A static method for detecting android malware based on directed API callManh Vu Minh, Huy-Trung Nguyen, H. Viet Le, Tri Duc Nguyen, Xuan Cho DoInternational Journal of Web Information Systems, Vol. 21, No. 3, pp.183-204
The openness of the Android operating system offers users convenience but also exposes them to a multitude of malicious applications. Consequently, analyzing applications before installation has become a crucial research area in mobile security. Static analysis, known for its accuracy and low cost, is a prominent method within this field. This paper aims to propose an ML/DL-based approach to detect benign and malicious applications in APK format.
The analysis method, detailed further in the paper, consists of five steps. Step 1, each APK file in the sample set undergoes decompilation to convert it into source code. Then, directed API call graph (DACG) generator is used to analyze the decompiled source code from Step 1 and extract API calls. After that, the authors apply the graph2vec method to convert the DACG data set into characteristic subgraphs. Next, saving the necessary features that each model needs to learn from the vector set. This helps reduce the vector dimensionality for each model type and reduces time and noise by eliminating unnecessary features. Finally, training and evaluating the ability to detect Android malware based on popular machine learning algorithms such as Random Forest, support vector machine, K-nearest neighbor, logistic regression and one of the most powerful machine learning algorithms currently available, gradient boosting regression.

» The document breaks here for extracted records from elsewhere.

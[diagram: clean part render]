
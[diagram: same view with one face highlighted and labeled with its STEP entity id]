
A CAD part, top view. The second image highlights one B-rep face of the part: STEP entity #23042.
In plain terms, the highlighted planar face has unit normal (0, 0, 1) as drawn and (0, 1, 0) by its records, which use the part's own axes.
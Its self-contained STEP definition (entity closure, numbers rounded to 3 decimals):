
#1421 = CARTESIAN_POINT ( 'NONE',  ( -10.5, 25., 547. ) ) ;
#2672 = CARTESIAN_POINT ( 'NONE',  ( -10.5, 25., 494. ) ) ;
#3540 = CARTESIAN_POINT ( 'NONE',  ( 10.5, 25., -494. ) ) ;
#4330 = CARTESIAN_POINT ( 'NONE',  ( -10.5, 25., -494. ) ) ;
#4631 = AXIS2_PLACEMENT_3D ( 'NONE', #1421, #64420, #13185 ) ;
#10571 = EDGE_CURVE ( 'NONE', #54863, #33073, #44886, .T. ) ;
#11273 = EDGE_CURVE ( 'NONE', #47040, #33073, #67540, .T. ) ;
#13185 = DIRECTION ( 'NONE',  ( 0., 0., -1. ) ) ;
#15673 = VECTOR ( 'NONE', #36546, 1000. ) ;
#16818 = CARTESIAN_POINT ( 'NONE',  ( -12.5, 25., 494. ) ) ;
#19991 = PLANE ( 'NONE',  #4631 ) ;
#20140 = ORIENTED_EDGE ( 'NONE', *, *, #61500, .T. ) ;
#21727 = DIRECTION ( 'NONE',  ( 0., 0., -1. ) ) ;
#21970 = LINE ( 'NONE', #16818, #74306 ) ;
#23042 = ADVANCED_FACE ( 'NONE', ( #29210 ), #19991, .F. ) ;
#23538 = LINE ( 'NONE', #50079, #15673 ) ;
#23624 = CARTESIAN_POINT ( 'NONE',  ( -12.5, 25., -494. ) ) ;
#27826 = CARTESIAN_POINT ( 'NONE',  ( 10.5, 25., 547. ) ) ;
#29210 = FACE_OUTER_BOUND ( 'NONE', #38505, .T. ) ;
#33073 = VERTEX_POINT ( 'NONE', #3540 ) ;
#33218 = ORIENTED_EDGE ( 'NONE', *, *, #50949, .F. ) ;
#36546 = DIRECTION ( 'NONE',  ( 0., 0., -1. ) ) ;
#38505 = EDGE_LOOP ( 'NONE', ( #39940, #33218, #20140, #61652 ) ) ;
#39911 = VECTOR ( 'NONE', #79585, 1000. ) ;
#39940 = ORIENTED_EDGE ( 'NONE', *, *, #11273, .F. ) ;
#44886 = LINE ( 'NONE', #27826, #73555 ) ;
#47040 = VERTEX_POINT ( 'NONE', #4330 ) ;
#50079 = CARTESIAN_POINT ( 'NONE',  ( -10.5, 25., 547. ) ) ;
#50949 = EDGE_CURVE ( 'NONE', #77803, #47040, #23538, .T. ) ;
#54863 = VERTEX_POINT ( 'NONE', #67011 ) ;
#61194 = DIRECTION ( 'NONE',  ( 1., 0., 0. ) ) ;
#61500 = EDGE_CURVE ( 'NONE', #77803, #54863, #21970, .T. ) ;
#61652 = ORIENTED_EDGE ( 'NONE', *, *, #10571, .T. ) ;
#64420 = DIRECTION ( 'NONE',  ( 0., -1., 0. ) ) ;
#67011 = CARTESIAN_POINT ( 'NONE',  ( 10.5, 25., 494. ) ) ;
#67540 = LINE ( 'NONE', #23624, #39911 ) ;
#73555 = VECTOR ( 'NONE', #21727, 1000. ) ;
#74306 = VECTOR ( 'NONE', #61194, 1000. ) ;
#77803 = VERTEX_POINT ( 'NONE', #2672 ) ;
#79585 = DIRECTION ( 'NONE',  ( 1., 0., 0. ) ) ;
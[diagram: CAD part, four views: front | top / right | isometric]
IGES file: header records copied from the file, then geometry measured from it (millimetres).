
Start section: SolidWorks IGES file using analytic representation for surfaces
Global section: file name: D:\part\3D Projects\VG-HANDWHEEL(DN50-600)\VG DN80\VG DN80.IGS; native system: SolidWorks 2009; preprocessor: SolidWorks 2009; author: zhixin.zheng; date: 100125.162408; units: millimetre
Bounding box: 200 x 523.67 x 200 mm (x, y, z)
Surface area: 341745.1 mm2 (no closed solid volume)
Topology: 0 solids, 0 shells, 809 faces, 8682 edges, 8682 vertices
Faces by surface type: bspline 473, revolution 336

The authors come to the conclusion, feature graphs based on API call graphs are effective in detecting Android malware. Experimental results demonstrate the proposed method’s superiority over existing detection methods on a data set of 7,000 samples, achieving TPR > 97%, FPR < 1% and AUC∼0.98. Following these steps, a final classification will determine the safety of the tested application, aiding users in avoiding malware installation.
Although some limitations remain to be addressed, the DACG construction method holds significant potential for further exploration. Future research will focus on integrating dynamic analysis techniques to broaden the detectable and classifiable Android malware categories. In addition, the authors aim to adapt the methodology for broader applicability to other system types, including the widely used ELF systems in Linux.
In the study, the authors addressed the issue of generating graph-based feature for Android malware detection in a meaningful, practical and efficient way. The results can be used as a pattern for similar scenarios and applications.